Yes of course the management of Honda told us, as prompted by HMG, that Brexit is not the only reason for deciding to disinvest. Of course they say it is down to the advent of electric cars, to concentration of manufacturing within Japan, to the changing marketplace, to the fact that the car plant has been under-utilised by 50%. However, the evidence is otherwise. The decision comes within a few weeks of the Japanese / EU trade deal, celebrated without a trace of irony by Liam Fox. And Liam Fox knew, as he celebrated, that Britain would never ever, if his plans became reality, have a chance to benefit from that deal. On the contrary. Why would Honda manufacture in Britain, with the likelihood of losing frictionless trade with Europe and the additional risk of having to pay tariffs, when it can import directly from Japan tariff-free?. Suddenly 10% of the UK’s car manufacturing capacity is gone. The question for us in Oxford is this: how long before BMW looks 30 miles down the road and feels the same cold wind? Let us show solidarity with our friends in Swindon For Europe
 
 
Some of the snake oil salesman on the Brexit side of the argument will tell us “good riddance, this will be a chance to re-establish British motor manufacturing”. Yes indeed, that is the world they inhabit: let us go back to manufacturing Hillman Imps and Morris Minors and exporting them to our new best friends, the Faroe Islands.
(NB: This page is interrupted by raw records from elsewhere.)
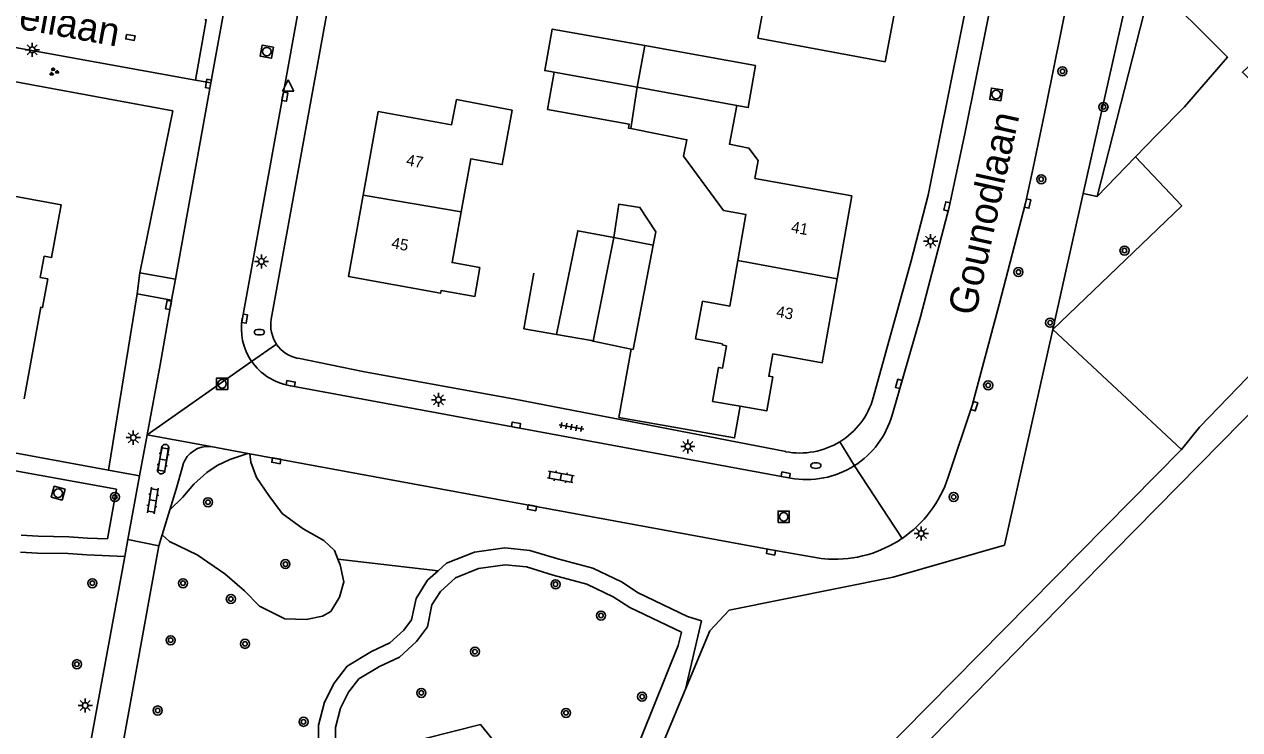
# Model space of a CAD drawing. Extents: x 132999 to 136000, y 398499 to 400501.
# Drawn here: x 133145.7 to 133253.2, y 398932.2 to 398994.6 of the extents above; entities that cross this region are included whole.
import ezdxf

# ---------------------------------------------------------------- set-up
doc = ezdxf.new("R2010")
doc.units = 0
for name, color, linetype in [('gg-afsc-erfafscheiding', 7, 'Continuous'), ('gg-afsc-hekwerk', 7, 'Continuous'), ('gg-afsc-muur', 7, 'Continuous'), ('gg-anno-huisnummerreeks BGT', 7, 'Continuous'), ('gg-anno-openbare ruimte label', 7, 'Continuous'), ('gg-bbg-bijgebouw', 7, 'Continuous'), ('gg-bbg-gedigitaliseerde bebouwing', 7, 'Continuous'), ('gg-bbg-gedigitaliseerde bijgebouw', 7, 'Continuous'), ('gg-bbg-hoofdgebouw', 7, 'Continuous'), ('gg-bbg-tussenscheiding', 7, 'Continuous'), ('gg-knt-verharding', 7, 'Continuous'), ('gt-grn-groengrens', 7, 'Continuous'), ('gt-grn-vlakafsluiter', 7, 'Continuous'), ('gt-grn-weggrens', 7, 'Continuous'), ('gt-symb-boom', 7, 'Continuous'), ('gt-symb-brandkraan', 7, 'Continuous'), ('gt-symb-groenvak', 7, 'Continuous'), ('gt-symb-klinker verharding', 7, 'Continuous'), ('gt-symb-kolk', 7, 'Continuous'), ('gt-symb-kolk center center', 7, 'Continuous'), ('gt-symb-lichtmast', 7, 'Continuous'), ('gt-symb-rioolschacht', 7, 'Continuous'), ('gt-symb-tegel verharding', 7, 'Continuous'), ('gt-symb-waterafsluiter', 7, 'Continuous')]:
    doc.layers.add(name, color=color, linetype=linetype)

# ---------------------------------------------------------------- blocks, each defined once
blk = doc.blocks.new('gt0-BOOM')
at = {"layer": 'gt-symb-boom'}
for radius in [0.4, 0.2]:
    blk.add_circle((0, 0), radius, dxfattribs=at)
blk = doc.blocks.new('gt0-LMAST')
at = {"layer": 'gt-symb-lichtmast'}
for p, q in [((-0.18, 0.17), (-0.45, 0.44)), ((-0.01, 0.25), (-0.01, 0.62)), ((0.17, 0.17), (0.44, 0.44)), ((-0.26, 0), (-0.63, 0)), ((-0.18, -0.18), (-0.45, -0.45)), ((-0.01, -0.25), (-0.01, -0.63)), ((0.44, -0.45), (0.17, -0.18)), ((0.24, 0), (0.62, 0))]:
    blk.add_line(p, q, dxfattribs=at)
blk.add_circle((-0.01, 0), 0.25, dxfattribs=at)
blk = doc.blocks.new('gt0-KOLK')
at = {"layer": 'gt-symb-kolk'}
blk.add_lwpolyline([(0, 0), (0.37, 0), (0.37, 0.4), (-0.38, 0.4), (-0.38, 0), (0, 0)], dxfattribs=at)
blk = doc.blocks.new('gt0-RS')
at = {"layer": 'gt-symb-rioolschacht'}
blk.add_lwpolyline([(-0.5, -0.5), (0.5, -0.5), (0.5, 0.5), (-0.5, 0.5)], close=True, dxfattribs=at)
blk.add_circle((0, 0), 0.375, dxfattribs=at)
blk = doc.blocks.new('gt0-BR')
at = {"layer": 'gt-symb-brandkraan'}
for centre, radius, start, end in [((-0.24, 0), 0.206, 107.5669, 252.4331), ((0.6, -2.66), 3, 106.892, 107.5669), ((0, -0.69), 0.938, 73.108, 106.892), ((-0.6, -2.66), 3, 72.4331, 73.108), ((0.24, 0), 0.206, 287.567, 72.4331), ((0.6, 2.66), 3, 252.4331, 253.108), ((0, 0.69), 0.938, 253.108, 286.8921), ((-0.6, 2.66), 3, 286.8921, 287.567)]:
    blk.add_arc(centre, radius, start, end, dxfattribs=at)
blk = doc.blocks.new('gt0-KOLKCC')
at = {"layer": 'gt-symb-kolk center center'}
blk.add_lwpolyline([(-0.38, 0.2), (0.38, 0.2), (0.38, -0.2), (-0.38, -0.2)], close=True, dxfattribs=at)
blk = doc.blocks.new('gt0-GRVAK')
at = {"layer": 'gt-symb-groenvak'}
for p, q in [((-0.11, 0.19), (-0.23, 0.24)), ((-0.18, 0.15), (0.09, 0.15)), ((-0.09, 0.21), (-0.16, 0.32)), ((-0.05, 0.21), (-0.05, 0.39)), ((0, 0.21), (0.06, 0.32)), ((0.01, 0.19), (0.13, 0.24)), ((0.26, -0.05), (0.2, 0.06)), ((0.3, -0.05), (0.3, 0.13)), ((0.35, -0.05), (0.41, 0.06)), ((-0.24, -0.23), (-0.36, -0.18)), ((-0.32, -0.26), (-0.05, -0.26)), ((-0.23, -0.21), (-0.29, -0.09)), ((-0.18, -0.2), (-0.18, -0.02)), ((-0.14, -0.21), (-0.07, -0.09)), ((-0.12, -0.23), (0, -0.18)), ((0.24, -0.07), (0.12, -0.02)), ((0.17, -0.11), (0.44, -0.11)), ((0.37, -0.07), (0.49, -0.02))]:
    blk.add_line(p, q, dxfattribs=at)
blk = doc.blocks.new('gt0-WAFSL')
at = {"layer": 'gt-symb-waterafsluiter'}
for p, q in [((-0.5, -0.33), (0, 0.67)), ((0, 0.67), (0.5, -0.33)), ((0.5, -0.33), (-0.5, -0.33))]:
    blk.add_line(p, q, dxfattribs=at)
blk = doc.blocks.new('gt0-TEG1')
at = {"layer": 'gt-symb-tegel verharding'}
for p, q in [((-1.12, 0), (1.12, 0)), ((-0.9, -0.25), (-0.9, 0.25)), ((-0.45, -0.25), (-0.45, 0.25)), ((0, -0.25), (0, 0.25)), ((0.45, -0.25), (0.45, 0.25)), ((0.9, -0.25), (0.9, 0.25))]:
    blk.add_line(p, q, dxfattribs=at)
blk = doc.blocks.new('gt0-KL1')
at = {"layer": 'gt-symb-klinker verharding'}
for p, q in [((-1.15, 0.3), (1.15, 0.3)), ((-1, -0.3), (-1, 0.3)), ((-0.5, 0.3), (-0.5, 0.45)), ((0, -0.3), (0, 0.3)), ((0.5, 0.3), (0.5, 0.45)), ((1, -0.3), (1, 0.3)), ((-1.15, -0.3), (1.15, -0.3)), ((-0.5, -0.45), (-0.5, -0.3)), ((0.5, -0.45), (0.5, -0.3))]:
    blk.add_line(p, q, dxfattribs=at)

msp = doc.modelspace()

# ---------------------------------------------------------------- linework, layer by layer
at = {"layer": 'gg-afsc-erfafscheiding'}
msp.add_line((133236.7, 398967.6), (133239.4, 398979.64), dxfattribs=at)
for points in [[(133239.4, 398979.64), (133244.97, 399004.49), (133252.84, 399038.49)], [(133208.08, 398942.76), (133222.58, 398945.69), (133232.42, 398948.53), (133236.7, 398967.6)]]:
    msp.add_lwpolyline(points, dxfattribs=at)
at = {"layer": 'gg-afsc-hekwerk'}
for points in [[(133208.08, 398942.76), (133206.38, 398940.95), (133204.22, 398935.79)], [(133204.22, 398935.79), (133193.8, 398910.84), (133190.05, 398872.02)]]:
    msp.add_lwpolyline(points, dxfattribs=at)
at = {"layer": 'gg-afsc-muur'}
msp.add_line((133189.13, 398961.44), (133175.67, 398963.87), dxfattribs=at)
for points in [[(133192.82, 398967.15), (133189.93, 398967.66), (133190.8, 398972.58)], [(133199.41, 398965.87), (133198.32, 398959.82), (133208.56, 398958), (133209.06, 398960.81)]]:
    msp.add_lwpolyline(points, dxfattribs=at)
at = {"layer": 'gg-bbg-bijgebouw'}
for p, q in [((133196.04, 398966.58), (133199.41, 398965.87)), ((133199.41, 398965.87), (133199.6, 398965.84))]:
    msp.add_line(p, q, dxfattribs=at)
for points in [[(133208.77, 398987.41), (133209.76, 398987.23), (133210.42, 398990.96)], [(133192.82, 398967.15), (133195.9, 398966.61), (133196.04, 398966.58)]]:
    msp.add_lwpolyline(points, dxfattribs=at)
at = {"layer": 'gg-bbg-gedigitaliseerde bebouwing'}
msp.add_line((133210.6, 398993.37), (133212.1, 399001.43), dxfattribs=at)
for points in [[(133184.38, 398978.01), (133185.22, 398982.69), (133188, 398982.19), (133188.87, 398986.99), (133183.96, 398987.94)], [(133199.37, 398985.37), (133204.34, 398984.39), (133204.05, 398982.94), (133207.58, 398978.13)], [(133186.03, 398973.07), (133183.57, 398973.52), (133184.38, 398978.01)], [(133208.85, 398973.71), (133209.56, 398977.78), (133207.58, 398978.13)], [(133205.71, 398970.1), (133208.14, 398969.67), (133208.85, 398973.71)]]:
    msp.add_lwpolyline(points, dxfattribs=at)
at = {"layer": 'gg-bbg-gedigitaliseerde bijgebouw'}
for p, q in [((133210.42, 398990.96), (133200.61, 398992.71)), ((133199.6, 398965.84), (133201.37, 398975.06))]:
    msp.add_line(p, q, dxfattribs=at)
for points in [[(133200.61, 398992.71), (133192.43, 398994.17), (133191.77, 398990.5), (133192.59, 398990.35)], [(133192.59, 398990.35), (133192.01, 398987.07), (133199.23, 398985.77), (133199.16, 398985.41), (133199.37, 398985.37)], [(133197.87, 398975.74), (133198.33, 398978.69), (133200.18, 398978.4), (133201.59, 398976.23), (133201.37, 398975.06)], [(133192.82, 398967.15), (133194.68, 398976.34), (133197.87, 398975.74)]]:
    msp.add_lwpolyline(points, dxfattribs=at)
at = {"layer": 'gg-bbg-hoofdgebouw'}
for p, q in [((133221.88, 398991.28), (133223.42, 398999.37)), ((133210.6, 398993.37), (133221.88, 398991.28)), ((133218.94, 398979.41), (133217.63, 398972.08))]:
    msp.add_line(p, q, dxfattribs=at)
for points in [[(133183.96, 398987.94), (133183.53, 398985.71), (133177.04, 398986.87), (133175.71, 398979.47)], [(133218.94, 398979.41), (133210.35, 398980.97), (133210.63, 398982.55), (133209.83, 398983.65), (133208.1, 398983.99), (133208.77, 398987.41)], [(133127.48, 398979.52), (133134.85, 398978.18), (133135.41, 398981.11), (133141.33, 398980.04), (133141.44, 398980.64), (133142.83, 398980.39), (133142.72, 398979.79), (133149, 398978.62), (133148.15, 398973.96), (133147.49, 398974.08), (133147.14, 398972.19), (133147.8, 398972.07), (133147.35, 398969.54), (133147.19, 398969.57), (133145.72, 398961.45)], [(133175.71, 398979.47), (133174.42, 398972.28), (133182.55, 398970.81), (133182.59, 398971.04), (133185.59, 398970.52), (133186.03, 398973.07)], [(133217.63, 398972.08), (133216.32, 398964.66), (133211.93, 398965.44)], [(133205.71, 398970.1), (133205.11, 398966.76), (133207.48, 398966.34), (133207.46, 398966.23), (133207.85, 398966.16)], [(133207.85, 398966.16), (133207.5, 398964.18), (133207.15, 398964.24), (133206.61, 398961.24), (133209.06, 398960.81)], [(133209.06, 398960.81), (133211.4, 398960.39), (133211.93, 398963.4), (133211.58, 398963.46), (133211.93, 398965.44)]]:
    msp.add_lwpolyline(points, dxfattribs=at)
at = {"layer": 'gg-bbg-tussenscheiding'}
for p, q in [((133199.95, 398989.03), (133200.61, 398992.71)), ((133199.95, 398989.03), (133192.59, 398990.35)), ((133199.95, 398989.03), (133199.37, 398985.37)), ((133199.95, 398989.03), (133208.77, 398987.41)), ((133175.71, 398979.47), (133184.38, 398978.01)), ((133196.04, 398966.58), (133197.87, 398975.74)), ((133197.87, 398975.74), (133201.37, 398975.06)), ((133208.85, 398973.71), (133217.63, 398972.08))]:
    msp.add_line(p, q, dxfattribs=at)
at = {"layer": 'gg-knt-verharding'}
for p, q in [((133185.23, 399065.78), (133167.57, 398968.5)), ((133162.23, 398989.41), (133169.19, 399028.01)), ((133165.02, 398968.61), (133175.6, 399026.92)), ((133136.32, 398994.11), (133160.87, 398989.66)), ((133160.87, 398989.66), (133162.23, 398989.41)), ((133162.23, 398989.41), (133159.1, 398972.04)), ((133155.95, 398972.61), (133159.1, 398972.04)), ((133159.1, 398972.04), (133158.76, 398970.19)), ((133155.71, 398970.74), (133158.76, 398970.19)), ((133169.94, 398965.05), (133175.67, 398963.87)), ((133169.13, 398962.64), (133213.5, 398954.45)), ((133189.13, 398961.44), (133213.08, 398956.79)), ((133156.59, 398958.27), (133155.92, 398954.64)), ((133157.91, 398957.19), (133157.53, 398955.25)), ((133158.17, 398955.12), (133158.5, 398957.08)), ((133162.23, 398957.24), (133165.51, 398956.64)), ((133165.51, 398956.64), (133165.68, 398956.61)), ((133155.92, 398954.64), (133154.89, 398949.03)), ((133157.91, 398949.42), (133158.59, 398951.65)), ((133154.89, 398949.03), (133154.61, 398947.52)), ((133154.89, 398949.03), (133157.62, 398948.47)), ((133157.62, 398948.47), (133157.91, 398949.42)), ((133157.62, 398948.47), (133146.42, 398886.21)), ((133154.61, 398947.52), (133143.5, 398887.15))]:
    msp.add_line(p, q, dxfattribs=at)
for points in [[(133245.65, 399088.76), (133237.06, 399036.07), (133225.68, 398979.49), (133224.19, 398973.68), (133220.82, 398961.55)], [(133236.73, 399023.76), (133228.96, 398985.05), (133227.54, 398978.41), (133224.99, 398968.72), (133222.49, 398960.02)], [(133227.46, 398954.52), (133229.57, 398960.86), (133231.97, 398969.81), (133234.29, 398978.78), (133234.98, 398981.91), (133236.16, 398987.56), (133238.65, 399000)], [(133160.87, 398989.66), (133161.82, 398995), (133161.7, 398995.02)], [(133156.59, 398958.27), (133157.74, 398964.48), (133158.76, 398970.19)], [(133165.68, 398956.61), (133211.81, 398948.11), (133216.22, 398947.33), (133216.87, 398947.28)], [(133158.59, 398951.65), (133159.15, 398953.48), (133159.77, 398955.65)]]:
    msp.add_lwpolyline(points, dxfattribs=at)
for centre, radius, start, end in [((133170.06, 398967.69), 5.13, 169.6962, 214.6036), ((133170.5, 398967.97), 2.97, 169.7471, 214.4424), ((133170.5, 398967.97), 2.98, 214.4496, 259.1396), ((133170.07, 398967.69), 5.13, 214.6002, 259.5114), ((133214.34, 398963.42), 6.75, 301.5898, 343.9704), ((133214.93, 398962.19), 7.87, 302.4926, 343.965), ((133158.21, 398957.14), 0.299, 348.827, 170.5461), ((133214.34, 398963.42), 6.75, 259.2105, 301.5757), ((133162.02, 398954.87), 2.39, 85.0351, 160.9701), ((133157.84, 398955.16), 0.329, 164.4779, 353.5531), ((133214.93, 398962.19), 7.87, 259.5517, 302.5107), ((133217.39, 398957.88), 10.61, 304.3647, 341.5569), ((133217.39, 398957.88), 10.61, 267.1793, 304.3791)]:
    msp.add_arc(centre, radius, start, end, dxfattribs=at)
at = {"layer": 'gt-grn-groengrens'}
for p, q in [((133245.47, 398998.38), (133240.62, 398979.37)), ((133240.62, 398979.37), (133244.02, 398982.88)), ((133240.62, 398979.37), (133239.4, 398979.64)), ((133155.71, 398970.74), (133153.18, 398955.15)), ((133236.7, 398967.6), (133248.08, 398956.98)), ((133248.08, 398956.98), (133215.49, 398923.97)), ((133182.33, 398946.26), (133173.47, 398947.28))]:
    msp.add_line(p, q, dxfattribs=at)
for points in [[(133248.08, 398956.98), (133249.67, 398958.97), (133266.46, 398976.33), (133266.18, 398977.71), (133253.48, 398990.35), (133255.07, 398991.83), (133267.74, 398978.85), (133269.14, 398978.85), (133288.75, 398998.82), (133288.52, 399001.06), (133260.35, 399028.51)], [(133244.02, 398982.88), (133245.88, 398984.8), (133248.37, 398987.31), (133252.17, 398991.68), (133245.47, 398998.38)], [(133135.85, 398991.18), (133158.86, 398986.93), (133155.95, 398972.61)], [(133244.02, 398982.88), (133248.11, 398978.53), (133236.7, 398967.6)], [(133216.92, 398922.56), (133224.88, 398930.31), (133242.11, 398947.97), (133259.16, 398965.28), (133259.65, 398965.28), (133279.59, 398945.51)], [(133095.38, 398964.05), (133153.88, 398953.46), (133153.08, 398949.08), (133151.33, 398949.15), (133149.68, 398949.27), (133146.95, 398949.3), (133145.46, 398949.4)], [(133165.51, 398956.64), (133163.91, 398956.11), (133162.8, 398955.56), (133161.88, 398954.95), (133160.74, 398953.9), (133159.71, 398952.74), (133158.59, 398951.65)], [(133173.47, 398947.28), (133173.17, 398948.05), (133172.23, 398948.93), (133170.41, 398949.97), (133168.54, 398951.32), (133167.35, 398952.91), (133166.28, 398954.5), (133165.78, 398955.85), (133165.68, 398956.61)], [(133173.47, 398947.28), (133173.67, 398946.78), (133173.98, 398945.27), (133173.6, 398943.92), (133172.85, 398942.65), (133172.1, 398942.25), (133170.66, 398941.93), (133168.78, 398942.01), (133166.53, 398943.12), (133165.22, 398944.48), (133163.46, 398945.99), (133161.02, 398947.66), (133158.58, 398948.85), (133157.91, 398949.42)], [(133154.61, 398947.52), (133151.25, 398947.65), (133149.62, 398947.77), (133146.89, 398947.81), (133145.4, 398947.9)], [(133204.22, 398935.79), (133205.62, 398941.81), (133204.4, 398942.22), (133200.03, 398944.3), (133198.55, 398945.26), (133196.01, 398946.47), (133192.93, 398947.3), (133190.46, 398948.06), (133188.23, 398948.29), (133185.54, 398947.91), (133183.07, 398946.93), (133182.33, 398946.26)], [(133173.25, 398931.26), (133173.25, 398932.39), (133173.7, 398934.09), (133174.41, 398935.5), (133175.31, 398936.68), (133177.15, 398937.78), (133178.91, 398938.61), (133180.41, 398939.99), (133181.39, 398941.28), (133181.79, 398943.25), (133182.54, 398944.43), (133183.88, 398945.63), (133185.92, 398946.45), (133188.26, 398946.78), (133190.16, 398946.59), (133192.51, 398945.86), (133195.48, 398945.06), (133197.82, 398943.94), (133199.3, 398942.99), (133203.85, 398940.82), (133203.58, 398939.65), (133191.98, 398910.84)], [(133171.75, 398931.14), (133171.75, 398932.58), (133172.29, 398934.63), (133173.14, 398936.3), (133174.29, 398937.82), (133176.45, 398939.11), (133178.07, 398939.87), (133179.3, 398941.01), (133179.99, 398941.92), (133180.38, 398943.81), (133181.38, 398945.41), (133182.33, 398946.26)], [(133187.92, 398930.38), (133186.07, 398932.64), (133181.19, 398931.4)]]:
    msp.add_lwpolyline(points, dxfattribs=at)
at = {"layer": 'gt-grn-vlakafsluiter'}
for p, q in [((133155.95, 398972.61), (133155.71, 398970.74)), ((133144.86, 398956.68), (133153.18, 398955.15)), ((133153.18, 398955.15), (133155.92, 398954.64))]:
    msp.add_line(p, q, dxfattribs=at)
at = {"layer": 'gt-grn-weggrens'}
for p, q in [((133165.84, 398964.78), (133168.05, 398966.29)), ((133156.59, 398958.27), (133165.84, 398964.78)), ((133156.59, 398958.27), (133162.23, 398957.24)), ((133217.87, 398957.67), (133219.16, 398955.55)), ((133219.16, 398955.55), (133223.38, 398949.12))]:
    msp.add_line(p, q, dxfattribs=at)

# ---------------------------------------------------------------- block references
at = {"layer": 'gt-symb-boom'}
for p in [(133237.56, 398990.44), (133241.19, 398987.29), (133235.68, 398980.89), (133243.05, 398974.58), (133233.67, 398972.68), (133236.47, 398968.2), (133230.99, 398962.66), (133153.74, 398952.78), (133227.94, 398952.78), (133161.98, 398952.32), (133168.83, 398946.84), (133151.75, 398945.15), (133159.77, 398945.15), (133192.72, 398945.06), (133164, 398943.76), (133196.74, 398942.29), (133158.67, 398940.11), (133165.25, 398939.79), (133185.59, 398939.1), (133150.38, 398937.99), (133180.85, 398935.45), (133200.38, 398935.11), (133157.53, 398933.89), (133193.64, 398933.68), (133170.43, 398932.89)]:
    msp.add_blockref('gt0-BOOM', p, dxfattribs=at)
at = {"layer": 'gt-symb-brandkraan'}
for p in [(133166.52, 398967.36), (133215.74, 398955.56)]:
    msp.add_blockref('gt0-BR', p, dxfattribs=at)
at = {"layer": 'gt-symb-groenvak'}
msp.add_blockref('gt0-GRVAK', (133148.33, 398990.4), dxfattribs=at)
at = {"layer": 'gt-symb-klinker verharding'}
for p, rotation in [((133158.01, 398956.09), -99.09480497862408), ((133193.18, 398954.56), -10.422654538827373), ((133157.1, 398952.48), -99.02919884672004)]:
    msp.add_blockref('gt0-KL1', p, dxfattribs=dict(at, rotation=rotation))
at = {"layer": 'gt-symb-kolk'}
for p, rotation in [((133162.21, 398989.3), 79.77744077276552), ((133168.58, 398988.23), -100.19720557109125), ((133227.54, 398978.45), 76.7004156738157), ((133234.29, 398978.78), -102.827123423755), ((133158.68, 398969.73), 79.63367739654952), ((133165.02, 398968.58), -98.97262661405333), ((133169.26, 398962.62), -10.950434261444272), ((133223.27, 398962.73), 74.0309834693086), ((133229.57, 398960.86), -106.62239613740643), ((133189.19, 398958.94), -10.366322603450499), ((133168.05, 398956.18), 169.69002960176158), ((133213.04, 398954.53), -10.42265453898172), ((133190.67, 398952.02), 169.57734546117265), ((133211.81, 398948.11), 169.5669752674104)]:
    msp.add_blockref('gt0-KOLK', p, dxfattribs=dict(at, rotation=rotation))
at = {"layer": 'gt-symb-kolk center center', "rotation": -10.295463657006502}
msp.add_blockref('gt0-KOLKCC', (133155.12, 398993.44), dxfattribs=at)
at = {"layer": 'gt-symb-lichtmast'}
for p in [(133146.44, 398992.34), (133225.91, 398975.41), (133166.71, 398973.62), (133182.37, 398961.38), (133155.38, 398958.03), (133204.43, 398957.25), (133225.08, 398949.55), (133151.13, 398934.33)]:
    msp.add_blockref('gt0-LMAST', p, dxfattribs=at)
at = {"layer": 'gt-symb-rioolschacht'}
for p, rotation in [((133167.18, 398992.18), 169.80279442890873), ((133231.7, 398988.39), 81.2538377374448), ((133148.73, 398953.12), 164.44827510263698)]:
    msp.add_blockref('gt0-RS', p, dxfattribs=dict(at, rotation=rotation))
for p in [(133163.22, 398962.79), (133212.9, 398951.03)]:
    msp.add_blockref('gt0-RS', p, dxfattribs=at)
at = {"layer": 'gt-symb-tegel verharding', "rotation": -10.489389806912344}
msp.add_blockref('gt0-TEG1', (133194.13, 398958.97), dxfattribs=at)
at = {"layer": 'gt-symb-waterafsluiter'}
msp.add_blockref('gt0-WAFSL', (133169.07, 398989.01), dxfattribs=at)

# ---------------------------------------------------------------- texts
at = {"layer": 'gg-anno-huisnummerreeks BGT'}
for s, rotation, p in [('47', 349.8, (133179.46, 398982.13)), ('41', 349.9, (133213.51, 398976.2)), ('45', 349.8, (133178.15, 398974.8)), ('43', 350.1, (133212.19, 398968.72))]:
    msp.add_text(s, height=1, rotation=rotation, dxfattribs=at).set_placement(p)
at = {"layer": 'gg-anno-openbare ruimte label'}
for s, rotation, p in [('Ravellaan', 349.7, (133139.29, 398995.28)), ('Gounodlaan', 77.6, (133229.85, 398968.72))]:
    msp.add_text(s, height=2.5, rotation=rotation, dxfattribs=at).set_placement(p)

doc.saveas('drawing.dxf')

Tell that to the people of Swindon.
 
 
This is only a tiny microcosm of what is going on around us in the UK of 2019. Not Project Fear, but the terrifying reality of an unhinged Brexit. And please bear in mind all this is happening even before the country has slid into the catastrophe of a no Deal. It is made inevitable even by the logic of Mrs May’s much vaunted Withdrawal Agreement, a blind Brexit which provides manufacturing with no long-term security, and the services sector with even less. Theresa May‘s version of Brexit is infinitely worse than what we have now, as even Boris Johnson agrees. However Boris Johnson’s Brexit is 1000 times worse again. Therefore we must fight with every fibre of our being to maintain the best deal there is, the one we have at the moment. We need to come out and demonstrate what we believe in. We have plenty of opportunities between now and Brexit day to tell our MPs what we think. On March 23 we need to come out in force on the streets of London and show that the Will Of The People really does matter and that any government misinterprets it at its peril. Details here.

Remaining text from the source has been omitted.